The Hindu has, for some decades now, been calling for the abolition of the death penalty and this consistent editorial position will naturally be valid for Afzal's case as well. After surviving a constitutional challenge, the death penalty is now supposed to be applied only in "the rarest of rare cases," as laid down by the Supreme Court. Yet however grave or gruesome the crime, the taking of a human life by the state under the banner of justice dehumanises society as a whole. The judicial system is not immune to mistakes, and there is always the danger of extinguishing a life in error. That this is not hypothetical has been shown occasionally by DNA evidence clearing a convicted criminal on death row.
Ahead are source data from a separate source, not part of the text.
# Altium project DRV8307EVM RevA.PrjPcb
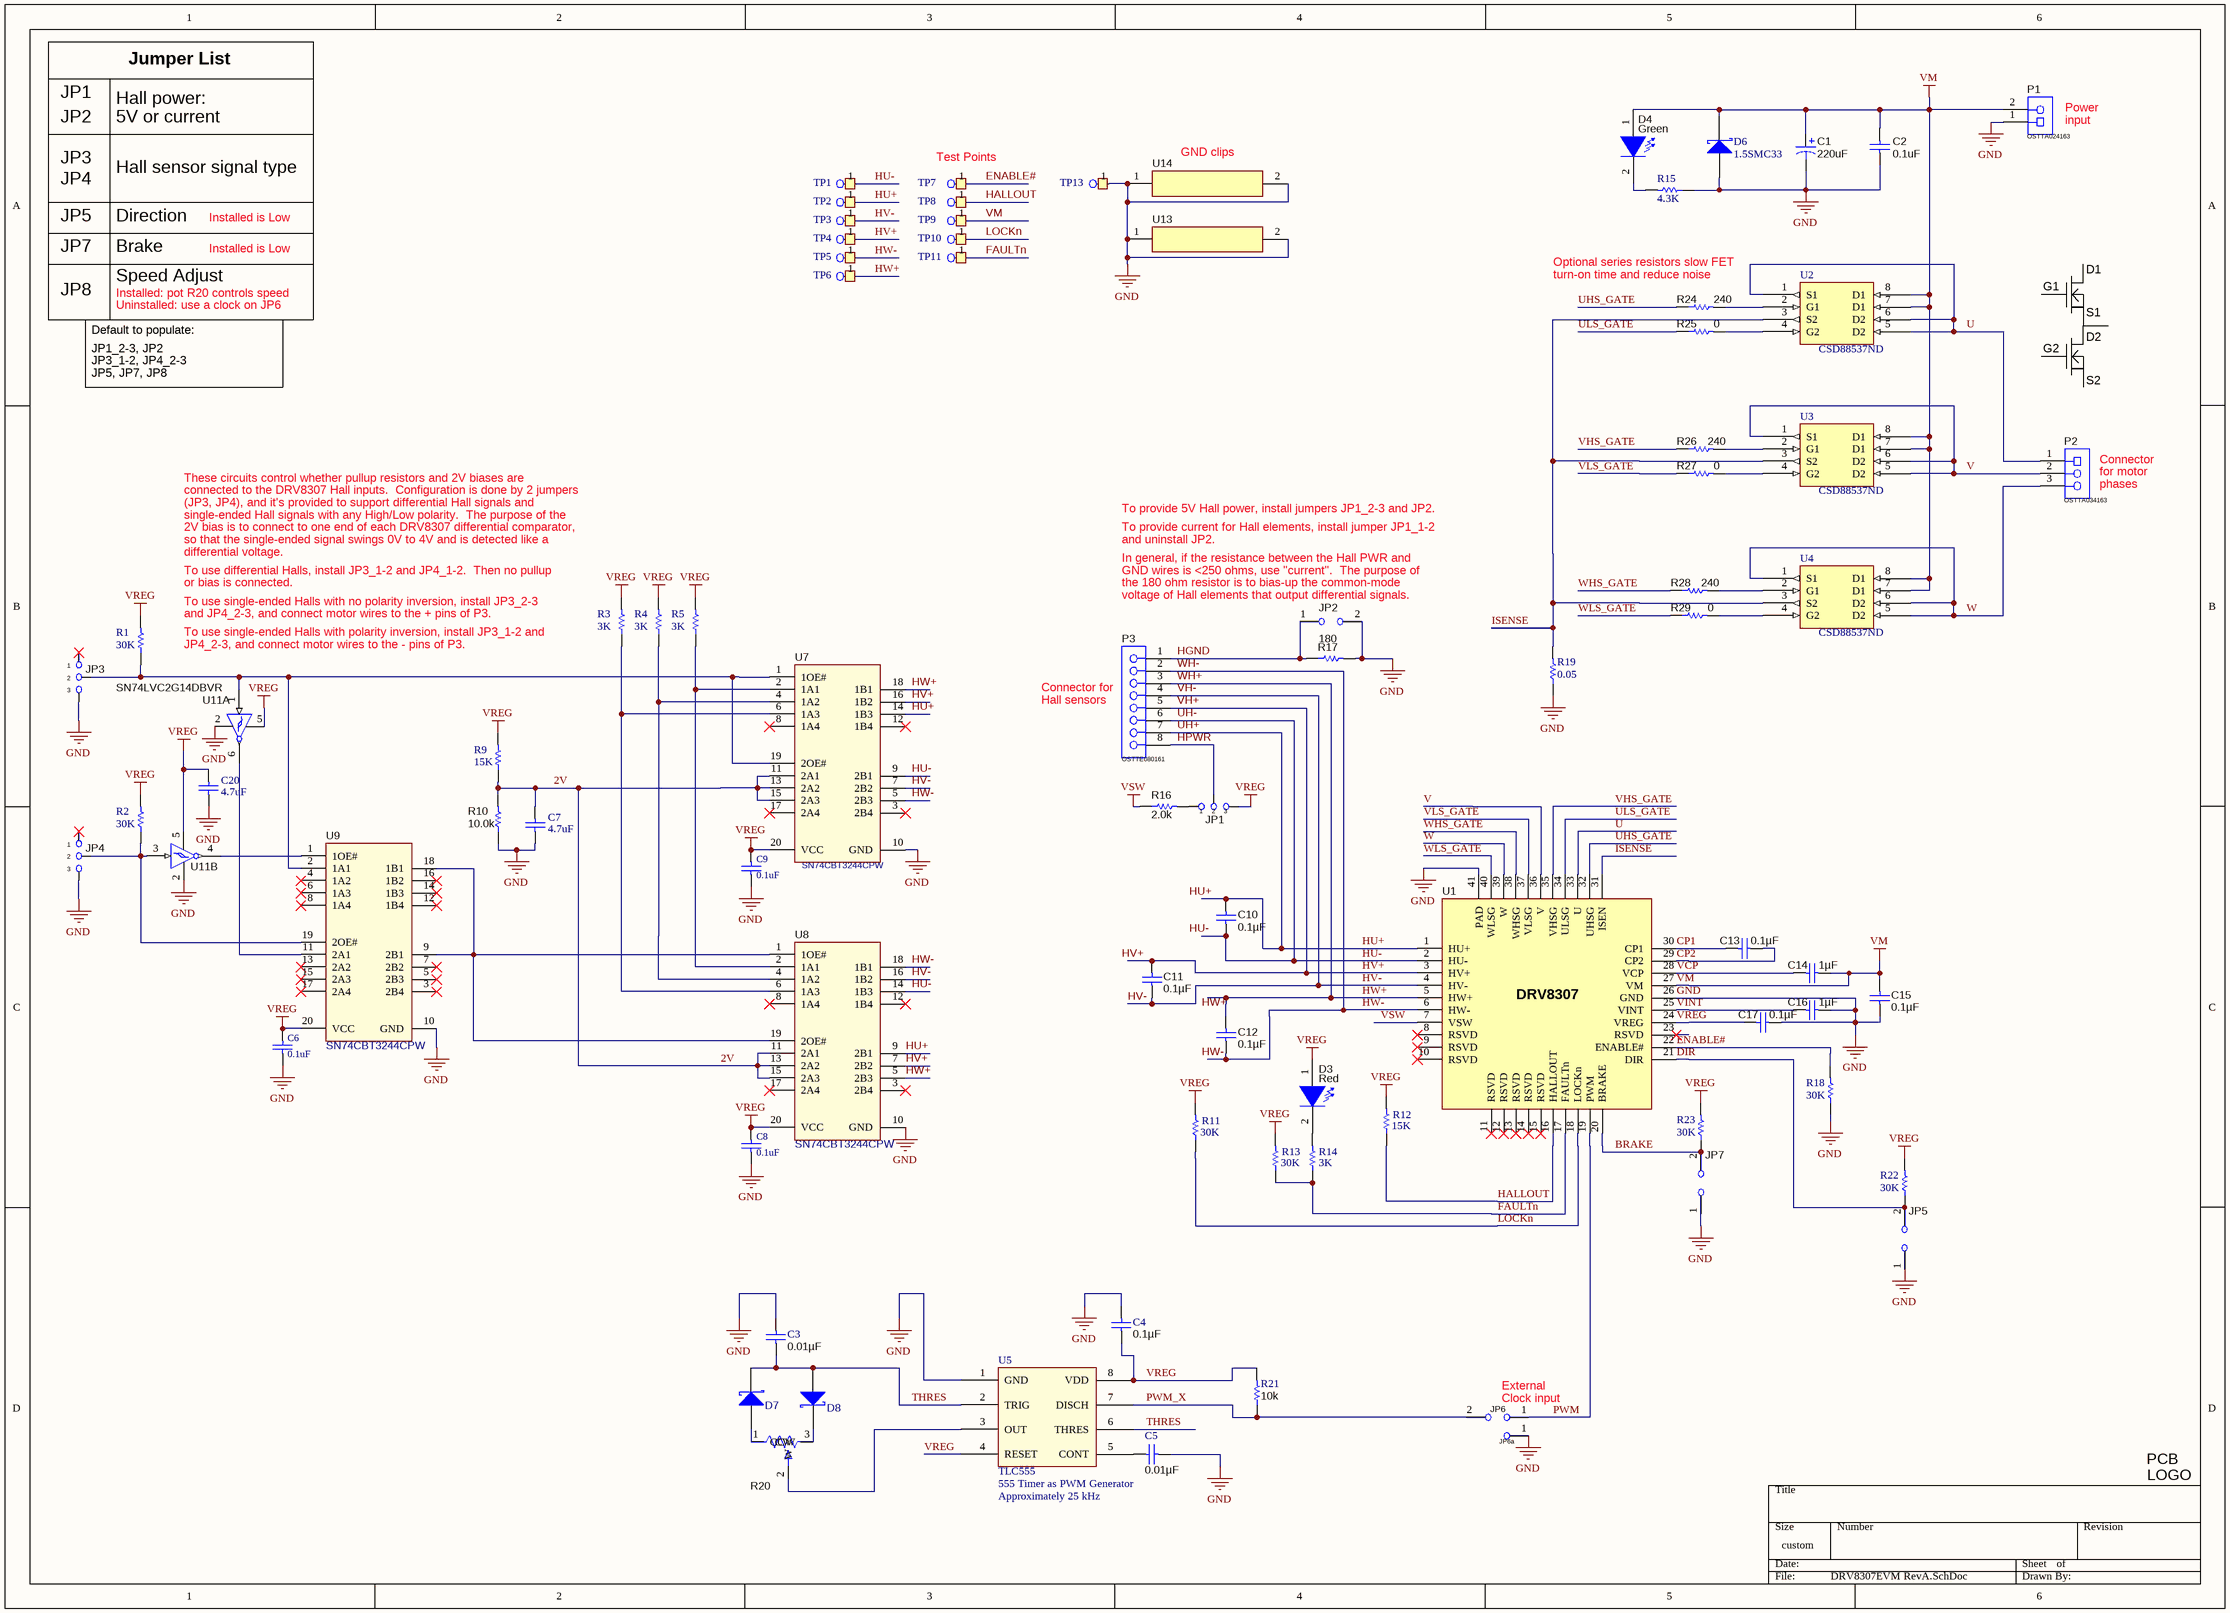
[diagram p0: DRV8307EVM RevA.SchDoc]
CopyrightYear: 2012; PCB_Layout: Who did the Layout?; PCB_Rev: E1; PRJ_Customer: Public Release; PRJ_Engineer: Enter name of project lead; PRJ_Number: XX####; PRJ_Title: Change in menu Project|Project Options|Parameters; SCH_Rev: E1; TechSupport: http://www.ti.com/support
1 sheet, 84 parts. Net scope: global (net labels, ports and power ports of the same name join across sheets).
Board file: DRV8307EVM RevA.PcbDoc

## Sheet DRV8307EVM RevA.SchDoc
size 457 x 330 mm

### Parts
C1  220uF  [UVZ1J221MPD_fp]
C2  ValueDisplayed: 0.1uF  [0805L]  (hidden comment: 06031C272JAT2A)
C3  ValueDisplayed: 0.01µF  [0805L]  (hidden comment: GRM155R61A103KA01D)
C4  ValueDisplayed: 0.1µF  [0805L]  (hidden comment: C1005X5R1A104K)
C5  ValueDisplayed: 0.01µF  [0805L]  (hidden comment: GRM155R61A103KA01D)
C6  value 0.1uF  [0805L]  (hidden comment: Cap)
C7  value 4.7uF  [0805L]
C8  value 0.1uF  [0805L]  (hidden comment: Cap)
C9  value 0.1uF  [0805L]  (hidden comment: Cap)
C10  ValueDisplayed: 0.1µF  [0805L]  (hidden comment: C0805C104K5RACTU)
C11  ValueDisplayed: 0.1µF  [0805L]  (hidden comment: C0805C104K5RACTU)
C12  ValueDisplayed: 0.1µF  [0805L]  (hidden comment: C0805C104K5RACTU)
C13  ValueDisplayed: 0.1µF  [0805L]  (hidden comment: C0805C104K5RACTU)
C14  ValueDisplayed: 1µF  [0805L]  (hidden comment: C0805C104K5RACTU)
C15  ValueDisplayed: 0.1µF  [0805L]  (hidden comment: C0805C104K5RACTU)
C16  ValueDisplayed: 1µF  [0805L]  (hidden comment: C0805C104K5RACTU)
C17  ValueDisplayed: 0.1µF  [0805L]  (hidden comment: C0805C104K5RACTU)
C20  value 4.7uF  [0805L]
D3  value Red  [LED_LTST-C170]  (hidden comment: LTST-C170KRKT)
D4  value Green  [LED_LTST-C171]  (hidden comment: LTST-C171GKT)
D6  1.5SMC33  [SMC-W]
D7  MBRA210LT3G  [SMA]  (value not drawn)
D8  MBRA210LT3G  [SMA]  (value not drawn)
JP1  Pin1: 1  Pin2: 2  Pin3: 3  [HDR100_1X3]  (hidden comment: JUMPER_3X100MIL)
JP2  JUMPER_2X100MIL  [2PIN HEADER]  (value not drawn)
JP3  Pin1: 1  Pin2: 2  Pin3: 3  [HDR100_1X3]  (hidden comment: JUMPER_3X100MIL)
JP4  Pin1: 1  Pin2: 2  Pin3: 3  [HDR100_1X3]  (hidden comment: JUMPER_3X100MIL)
JP5  (no value)  [HDR100_1X2]
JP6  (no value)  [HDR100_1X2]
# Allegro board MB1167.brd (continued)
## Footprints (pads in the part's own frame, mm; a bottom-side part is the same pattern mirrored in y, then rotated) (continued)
CLM-120-02-L-D
  rect 0.61x1.499 smd: 1(-9.5,-1.57) 2(-9.5,1.57) 3(-8.5,-1.57) 4(-8.5,1.57) 5(-7.5,-1.57) 6(-7.5,1.57) 7(-6.5,-1.57) 8(-6.5,1.57) 9(-5.5,-1.57) 10(-5.5,1.57) 11(-4.5,-1.57) 12(-4.5,1.57) 13(-3.5,-1.57) 14(-3.5,1.57) 15(-2.5,-1.57) 16(-2.5,1.57) 17(-1.5,-1.57) 18(-1.5,1.57) 19(-0.5,-1.57) 20(-0.5,1.57) 21(0.5,-1.57) 22(0.5,1.57) 23(1.5,-1.57) 24(1.5,1.57) 25(2.5,-1.57) 26(2.5,1.57) 27(3.5,-1.57) 28(3.5,1.57) 29(4.5,-1.57) 30(4.5,1.57) 31(5.5,-1.57) 32(5.5,1.57) 33(6.5,-1.57) 34(6.5,1.57) 35(7.5,-1.57) 36(7.5,1.57) 37(8.5,-1.57) 38(8.5,1.57) 39(9.5,-1.57) 40(9.5,1.57)
  round 4.699 hole 3.2: 41(-15.249,0) 42(15.25,0)
CONN_DLR11H0
  round 1.956 hole 1.956 unplated: (-7.14,2.3) (-2.54,-3.7) (2.06,2.3)
  rect 1.219x1.219 hole 0.813: 1(0,0)
  round 1.219 hole 0.813: 2(-2.54,0) 3(-5.08,0)
COUPON
  rect 1.422x1.422 hole 1.016: 1(-3.444,-2.54)
  round 1.422 hole 1.016: 2(-3.444,0) 3(-3.444,2.54) 4(3.447,-2.54) 5(3.447,0) 6(3.447,2.54)
DB9_M
  rect 1.778x2.032 hole 0.965: 1(5.537,0)
  oval 1.778x2.032 hole 0.965: 2(2.769,0) 3(0,0) 4(-2.769,0) 5(-5.537,0) 6(4.166,2.794) 7(1.397,2.794) 8(-1.372,2.794) 9(-4.14,2.794)
  oval 4.572x2.286 hole 3.556x1.27: 10(-12.522,1.397) 11(12.522,1.397)
FBGA64_1_11X13
  round 0.457 smd: A1(-3.5,3.5) A2(-2.5,3.5) A3(-1.5,3.5) A4(-0.5,3.5) A5(0.5,3.5) A6(1.5,3.5) A7(2.5,3.5) A8(3.5,3.5) B1(-3.5,2.5) B2(-2.5,2.5) B3(-1.5,2.5) B4(-0.5,2.5) B5(0.5,2.5) B6(1.5,2.5) B7(2.5,2.5) B8(3.5,2.5) C1(-3.5,1.5) C2(-2.5,1.5) C3(-1.5,1.5) C4(-0.5,1.5) C5(0.5,1.5) C6(1.5,1.5) C7(2.5,1.5) C8(3.5,1.5) D1(-3.5,0.5) D2(-2.5,0.5) D3(-1.5,0.5) D4(-0.5,0.5) D5(0.5,0.5) D6(1.5,0.5) D7(2.5,0.5) D8(3.5,0.5) E1(-3.5,-0.5) E2(-2.5,-0.5) E3(-1.5,-0.5) E4(-0.5,-0.5) E5(0.5,-0.5) E6(1.5,-0.5) E7(2.5,-0.5) E8(3.5,-0.5) F1(-3.5,-1.5) F2(-2.5,-1.5) F3(-1.5,-1.5) F4(-0.5,-1.5) F5(0.5,-1.5) F6(1.5,-1.5) F7(2.5,-1.5) F8(3.5,-1.5) G1(-3.5,-2.5) G2(-2.5,-2.5) G3(-1.5,-2.5) G4(-0.5,-2.5) G5(0.5,-2.5) G6(1.5,-2.5) G7(2.5,-2.5) G8(3.5,-2.5) H1(-3.5,-3.5) H2(-2.5,-3.5) H3(-1.5,-3.5) H4(-0.5,-3.5) H5(0.5,-3.5) H6(1.5,-3.5) H7(2.5,-3.5) H8(3.5,-3.5)
FBGA90_0R8_8X13
  round 0.406 smd: A1(-3.2,5.6) A2(-2.4,5.6) A3(-1.6,5.6) A7(1.6,5.6) A8(2.4,5.6) A9(3.2,5.6) B1(-3.2,4.8) B2(-2.4,4.8) B3(-1.6,4.8) B7(1.6,4.8) B8(2.4,4.8) B9(3.2,4.8) C1(-3.2,4) C2(-2.4,4) C3(-1.6,4) C7(1.6,4) C8(2.4,4) C9(3.2,4) D1(-3.2,3.2) D2(-2.4,3.2) D3(-1.6,3.2) D7(1.6,3.2) D8(2.4,3.2) D9(3.2,3.2) E1(-3.2,2.4) E2(-2.4,2.4) E3(-1.6,2.4) E7(1.6,2.4) E8(2.4,2.4) E9(3.2,2.4) F1(-3.2,1.6) F2(-2.4,1.6) F3(-1.6,1.6) F7(1.6,1.6) F8(2.4,1.6) F9(3.2,1.6) G1(-3.2,0.8) G2(-2.4,0.8) G3(-1.6,0.8) G7(1.6,0.8) G8(2.4,0.8) G9(3.2,0.8) H1(-3.2,0) H2(-2.4,0) H3(-1.6,0) H7(1.6,0) H8(2.4,0) H9(3.2,0) J1(-3.2,-0.8) J2(-2.4,-0.8) J3(-1.6,-0.8) J7(1.6,-0.8) J8(2.4,-0.8) J9(3.2,-0.8) K1(-3.2,-1.6) K2(-2.4,-1.6) K3(-1.6,-1.6) K7(1.6,-1.6) K8(2.4,-1.6) K9(3.2,-1.6) L1(-3.2,-2.4) L2(-2.4,-2.4) L3(-1.6,-2.4) L7(1.6,-2.4) L8(2.4,-2.4) L9(3.2,-2.4) M1(-3.2,-3.2) M2(-2.4,-3.2) M3(-1.6,-3.2) M7(1.6,-3.2) M8(2.4,-3.2) M9(3.2,-3.2) N1(-3.2,-4) N2(-2.4,-4) N3(-1.6,-4) N7(1.6,-4) N8(2.4,-4) N9(3.2,-4) P1(-3.2,-4.8) P2(-2.4,-4.8) P3(-1.6,-4.8) P7(1.6,-4.8) P8(2.4,-4.8) P9(3.2,-4.8) R1(-3.2,-5.6) R2(-2.4,-5.6) R3(-1.6,-5.6) R7(1.6,-5.6) R8(2.4,-5.6) R9(3.2,-5.6)
FTR-120-53-L-D-LC
  round 1.194 hole 1.194 unplated: (-11.43,0) (11.43,0)
  rect 0.711x2.896 smd: 1(-12.065,-2.705) 2(-12.065,2.705) 3(-10.795,-2.705) 4(-10.795,2.705) 5(-9.525,-2.705) 6(-9.525,2.705) 7(-8.255,-2.705) 8(-8.255,2.705) 9(-6.985,-2.705) 10(-6.985,2.705) 11(-5.715,-2.705) 12(-5.715,2.705) 13(-4.445,-2.705) 14(-4.445,2.705) 15(-3.175,-2.705) 16(-3.175,2.705) 17(-1.905,-2.705) 18(-1.905,2.705) 19(-0.635,-2.705) 20(-0.635,2.705) 21(0.635,-2.705) 22(0.635,2.705) 23(1.905,-2.705) 24(1.905,2.705) 25(3.175,-2.705) 26(3.175,2.705) 27(4.445,-2.705) 28(4.445,2.705) 29(5.715,-2.705) 30(5.715,2.705) 31(6.985,-2.705) 32(6.985,2.705) 33(8.255,-2.705) 34(8.255,2.705) 35(9.525,-2.705) 36(9.525,2.705) 37(10.795,-2.705) 38(10.795,2.705) 39(12.065,-2.705) 40(12.065,2.705)
FTR-130-53-L-D-LC
  round 1.194 hole 1.194 unplated: (-17.78,0) (17.78,0)
  rect 0.711x2.896 smd: 1(-18.415,-2.705) 2(-18.415,2.705) 3(-17.145,-2.705) 4(-17.145,2.705) 5(-15.875,-2.705) 6(-15.875,2.705) 7(-14.605,-2.705) 8(-14.605,2.705) 9(-13.335,-2.705) 10(-13.335,2.705) 11(-12.065,-2.705) 12(-12.065,2.705) 13(-10.795,-2.705) 14(-10.795,2.705) 15(-9.525,-2.705) 16(-9.525,2.705) 17(-8.255,-2.705) 18(-8.255,2.705) 19(-6.985,-2.705) 20(-6.985,2.705) 21(-5.715,-2.705) 22(-5.715,2.705) 23(-4.445,-2.705) 24(-4.445,2.705) 25(-3.175,-2.705) 26(-3.175,2.705) 27(-1.905,-2.705) 28(-1.905,2.705) 29(-0.635,-2.705) 30(-0.635,2.705) 31(0.635,-2.705) 32(0.635,2.705) 33(1.905,-2.705) 34(1.905,2.705) 35(3.175,-2.705) 36(3.175,2.705) 37(4.445,-2.705) 38(4.445,2.705) 39(5.715,-2.705) 40(5.715,2.705) 41(6.985,-2.705) 42(6.985,2.705) 43(8.255,-2.705) 44(8.255,2.705) 45(9.525,-2.705) 46(9.525,2.705) 47(10.795,-2.705) 48(10.795,2.705) 49(12.065,-2.705) 50(12.065,2.705) 51(13.335,-2.705) 52(13.335,2.705) 53(14.605,-2.705) 54(14.605,2.705) 55(15.875,-2.705) 56(15.875,2.705) 57(17.145,-2.705) 58(17.145,2.705) 59(18.415,-2.705) 60(18.415,2.705)
FTSH-110-01-L-DV
  round 0.965 hole 0.965 unplated: (-5.08,0) (5.08,0)
  rect 0.737x2.794 smd: 1(-5.715,-2.03) 2(-5.715,2.03) 3(-4.445,-2.03) 4(-4.445,2.03) 5(-3.175,-2.03) 6(-3.175,2.03) 7(-1.905,-2.03) 8(-1.905,2.03) 9(-0.635,-2.03) 10(-0.635,2.03) 11(0.635,-2.03) 12(0.635,2.03) 13(1.905,-2.03) 14(1.905,2.03) 15(3.175,-2.03) 16(3.175,2.03) 17(4.445,-2.03) 18(4.445,2.03) 19(5.715,-2.03) 20(5.715,2.03)
FTSH-125-01-F-DV
  round 0.965 hole 0.965 unplated: (-14.605,0) (14.605,0)
  rect 0.737x2.794 smd: 1(-15.24,-2.03) 2(-15.24,2.03) 3(-13.97,-2.03) 4(-13.97,2.03) 5(-12.7,-2.03) 6(-12.7,2.03) 7(-11.43,-2.03) 8(-11.43,2.03) 9(-10.16,-2.03) 10(-10.16,2.03) 11(-8.89,-2.03) 12(-8.89,2.03) 13(-7.62,-2.03) 14(-7.62,2.03) 15(-6.35,-2.03) 16(-6.35,2.03) 17(-5.08,-2.03) 18(-5.08,2.03) 19(-3.81,-2.03) 20(-3.81,2.03) 21(-2.54,-2.03) 22(-2.54,2.03) 23(-1.27,-2.03) 24(-1.27,2.03) 25(0,-2.03) 26(0,2.03) 27(1.27,-2.03) 28(1.27,2.03) 29(2.54,-2.03) 30(2.54,2.03) 31(3.81,-2.03) 32(3.81,2.03) 33(5.08,-2.03) 34(5.08,2.03) 35(6.35,-2.03) 36(6.35,2.03) 37(7.62,-2.03) 38(7.62,2.03) 39(8.89,-2.03) 40(8.89,2.03) 41(10.16,-2.03) 42(10.16,2.03) 43(11.43,-2.03) 44(11.43,2.03) 45(12.7,-2.03) 46(12.7,2.03) 47(13.97,-2.03) 48(13.97,2.03) 49(15.24,-2.03) 50(15.24,2.03)
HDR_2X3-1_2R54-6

In a 1930 case in Bihar, five persons were sentenced to death on a charge of murder but had to be released because it was discovered just in time that the case had been totally fabricated by a police officer.
The most common argument advanced in favour of capital punishment is that it is qualitatively different from imprisonment and, as all fear death, it is the most effective deterrent. Yet there is little evidence that the death penalty is any more deterrent than imprisonment for life. Indeed, the evidence, if any, supports the opposite conclusion: the period when the death penalty remained suspended in the United States, for instance, did not see any change in the number of `capital offences.' Very often, rather than deterrence, the unstated rationale is retribution and revenge the taking of a life for a life. In the Afzal case, the Supreme Court comes close to echoing such sentiments when it says: "the collective conscience of the society will only be satisfied if capital punishment is awarded to the offender" and he "is a menace to the society and his life should become extinct." Over the past half century, proposals made on and off for the abolition of capital punishment fell through because of the argument that public opinion and the conditions in the country did not warrant such a radical change. Such a line was taken even by the Law Commission when it examined the issue in detail, but that was in 1967. Now, abolition is becoming more and more the international norm, with the whole of Europe doing without it as India found when Portugal allowed the extradition of Abu Salem on condition that he would not be awarded the death penalty.
The Government needs to turn the issues thrown up by the latest case into a broader discussion on whether India can retain on its statute book something so abhorrent to human rights as the death penalty and should move boldly towards its abolition. Meanwhile, in the specific case of Mohammad Afzal, the death sentence must be commuted to imprisonment for life. This is indeed a fit case for the use of presidential clemency for the right reasons. The pleading by Afzal's wife and seven-year-old son and his background as a surrendered militant who cooperated with the authorities are reasons sound enough to exercise the executive power of clemency, which may be subject to broad judicial scrutiny but still retains a large measure of discretion.